113  

Where your statics go depends on if they are 0 initialized or not. 0 initialized static data goes in .BSS (Block Started by Symbol), non 0 initialized data goes in .DATA

静态的位置取决于它们是否为0初始化。初始化静态数据进入。bss(由符号开始的块)，未初始化的数据进入。data

89  

When a program is loaded into memory, it’s organized into different segments. One of the segment is DATA segment. The Data segment is further sub-divided into two parts:

Initialized data segment: All the global, static and constant data are stored here.
Uninitialized data segment(BSS): All the uninitialized data are stored in this segment.

当一个程序被加载到内存中时，它被组织成不同的段。

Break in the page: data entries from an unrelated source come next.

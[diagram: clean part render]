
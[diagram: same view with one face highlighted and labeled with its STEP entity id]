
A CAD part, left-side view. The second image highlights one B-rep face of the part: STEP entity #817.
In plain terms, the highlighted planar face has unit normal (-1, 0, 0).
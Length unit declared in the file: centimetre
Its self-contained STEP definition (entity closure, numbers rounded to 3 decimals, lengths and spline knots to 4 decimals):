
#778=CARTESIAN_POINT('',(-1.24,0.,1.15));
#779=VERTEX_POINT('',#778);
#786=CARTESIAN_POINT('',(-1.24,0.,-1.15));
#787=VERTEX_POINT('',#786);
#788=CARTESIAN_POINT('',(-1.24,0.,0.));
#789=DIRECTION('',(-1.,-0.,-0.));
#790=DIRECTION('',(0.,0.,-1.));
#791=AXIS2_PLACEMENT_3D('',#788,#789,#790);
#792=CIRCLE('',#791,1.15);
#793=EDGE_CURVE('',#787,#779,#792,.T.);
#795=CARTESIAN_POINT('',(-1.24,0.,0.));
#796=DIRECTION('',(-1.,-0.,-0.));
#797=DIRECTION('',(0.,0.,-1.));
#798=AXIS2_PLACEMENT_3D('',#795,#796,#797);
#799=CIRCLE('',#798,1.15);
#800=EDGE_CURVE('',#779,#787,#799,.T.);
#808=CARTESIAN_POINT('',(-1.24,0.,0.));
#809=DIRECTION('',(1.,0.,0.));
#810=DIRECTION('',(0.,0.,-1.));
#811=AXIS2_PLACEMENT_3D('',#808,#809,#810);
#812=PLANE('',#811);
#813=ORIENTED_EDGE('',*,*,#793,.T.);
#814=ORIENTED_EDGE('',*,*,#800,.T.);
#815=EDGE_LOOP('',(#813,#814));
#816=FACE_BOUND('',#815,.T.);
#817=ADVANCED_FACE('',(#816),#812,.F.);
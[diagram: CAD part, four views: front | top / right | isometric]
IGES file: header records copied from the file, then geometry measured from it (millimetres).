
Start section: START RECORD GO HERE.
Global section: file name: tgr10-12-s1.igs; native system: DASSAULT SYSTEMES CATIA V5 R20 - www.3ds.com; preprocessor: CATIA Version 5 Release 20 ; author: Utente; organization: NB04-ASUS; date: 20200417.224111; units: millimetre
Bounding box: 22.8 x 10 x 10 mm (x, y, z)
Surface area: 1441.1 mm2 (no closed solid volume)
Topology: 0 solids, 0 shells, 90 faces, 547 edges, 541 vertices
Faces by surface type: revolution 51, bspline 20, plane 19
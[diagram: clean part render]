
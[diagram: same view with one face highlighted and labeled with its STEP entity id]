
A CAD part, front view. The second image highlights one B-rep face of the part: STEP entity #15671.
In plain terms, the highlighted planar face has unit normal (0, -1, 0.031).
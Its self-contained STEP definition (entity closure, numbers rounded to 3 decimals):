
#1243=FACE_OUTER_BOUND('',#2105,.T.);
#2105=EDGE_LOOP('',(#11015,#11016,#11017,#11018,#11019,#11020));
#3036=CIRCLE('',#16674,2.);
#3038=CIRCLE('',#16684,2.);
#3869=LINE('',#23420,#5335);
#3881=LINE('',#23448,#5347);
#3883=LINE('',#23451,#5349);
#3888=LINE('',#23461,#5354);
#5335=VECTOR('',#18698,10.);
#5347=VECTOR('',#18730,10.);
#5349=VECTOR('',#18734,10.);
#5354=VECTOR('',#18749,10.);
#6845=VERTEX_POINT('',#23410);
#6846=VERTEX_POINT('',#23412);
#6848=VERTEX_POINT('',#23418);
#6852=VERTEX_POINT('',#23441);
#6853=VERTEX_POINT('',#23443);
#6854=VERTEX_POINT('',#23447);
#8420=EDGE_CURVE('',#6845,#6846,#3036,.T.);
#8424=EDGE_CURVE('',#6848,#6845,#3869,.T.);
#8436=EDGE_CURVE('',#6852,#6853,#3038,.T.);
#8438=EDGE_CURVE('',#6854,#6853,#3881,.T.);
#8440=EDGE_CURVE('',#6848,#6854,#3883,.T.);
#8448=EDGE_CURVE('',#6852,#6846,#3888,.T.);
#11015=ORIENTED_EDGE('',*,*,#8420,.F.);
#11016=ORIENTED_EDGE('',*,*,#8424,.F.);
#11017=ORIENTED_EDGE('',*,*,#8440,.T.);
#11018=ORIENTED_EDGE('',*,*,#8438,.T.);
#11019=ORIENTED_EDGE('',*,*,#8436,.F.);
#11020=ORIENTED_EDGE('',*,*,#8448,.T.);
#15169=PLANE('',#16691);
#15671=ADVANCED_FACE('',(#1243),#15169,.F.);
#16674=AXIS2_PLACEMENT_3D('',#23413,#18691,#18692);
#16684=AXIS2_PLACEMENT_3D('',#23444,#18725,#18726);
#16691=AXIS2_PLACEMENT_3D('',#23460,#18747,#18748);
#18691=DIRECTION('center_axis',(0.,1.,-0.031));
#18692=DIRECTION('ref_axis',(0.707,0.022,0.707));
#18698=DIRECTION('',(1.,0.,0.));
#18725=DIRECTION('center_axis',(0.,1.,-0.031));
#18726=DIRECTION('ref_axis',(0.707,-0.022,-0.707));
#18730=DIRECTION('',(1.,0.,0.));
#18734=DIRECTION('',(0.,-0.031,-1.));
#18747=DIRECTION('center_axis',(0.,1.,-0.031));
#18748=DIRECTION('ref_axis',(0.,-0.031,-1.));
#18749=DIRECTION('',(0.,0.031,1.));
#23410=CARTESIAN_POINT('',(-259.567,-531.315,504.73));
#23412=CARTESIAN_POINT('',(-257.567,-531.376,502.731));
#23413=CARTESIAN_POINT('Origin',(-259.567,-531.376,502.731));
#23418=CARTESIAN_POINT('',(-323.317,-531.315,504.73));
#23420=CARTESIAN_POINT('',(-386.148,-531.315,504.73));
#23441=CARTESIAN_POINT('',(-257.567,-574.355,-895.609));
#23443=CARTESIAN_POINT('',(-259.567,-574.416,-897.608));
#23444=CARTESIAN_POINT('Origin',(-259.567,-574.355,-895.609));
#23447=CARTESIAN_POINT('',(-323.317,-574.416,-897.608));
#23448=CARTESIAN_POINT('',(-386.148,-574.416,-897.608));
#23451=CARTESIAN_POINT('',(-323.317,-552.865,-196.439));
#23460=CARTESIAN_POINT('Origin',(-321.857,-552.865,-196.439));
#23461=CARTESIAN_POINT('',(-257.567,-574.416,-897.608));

其中一段是数据段。数据段进一步细分为两个部分:初始化数据段:在这里存储所有全局数据、静态数据和常量数据。未初始化数据段(BSS):所有未初始化的数据都存储在这个段中。

Here is a diagram to explain this concept:

这里有一个图表来解释这个概念:

here is very good link explaining these concepts:

这里有很好的链接来解释这些概念:

http://www.inf.udec.cl/~leo/teoX.pdf

http://www.inf.udec.cl/ ~狮子座/ teoX.pdf

27  

In fact, a variable is tuple (storage, scope, type, address, value):

事实上，变量是元组(存储、范围、类型、地址、值):

storage     :   where is it stored, for example data, stack, heap...
scope       :   who can see us, for example global, local...
type        :   what is our type, for example int, int*...
address     :   where are we located
value       :   what is our value

Local scope could mean local to either the translational unit (source file), the function or the block depending on where its defined. To make variable visible to more than one function, it definitely has to be in either DATA or the BSS area (depending on whether its initialized explicitly or not, respectively). Its then scoped accordingly to either all function(s) or function(s) within source file.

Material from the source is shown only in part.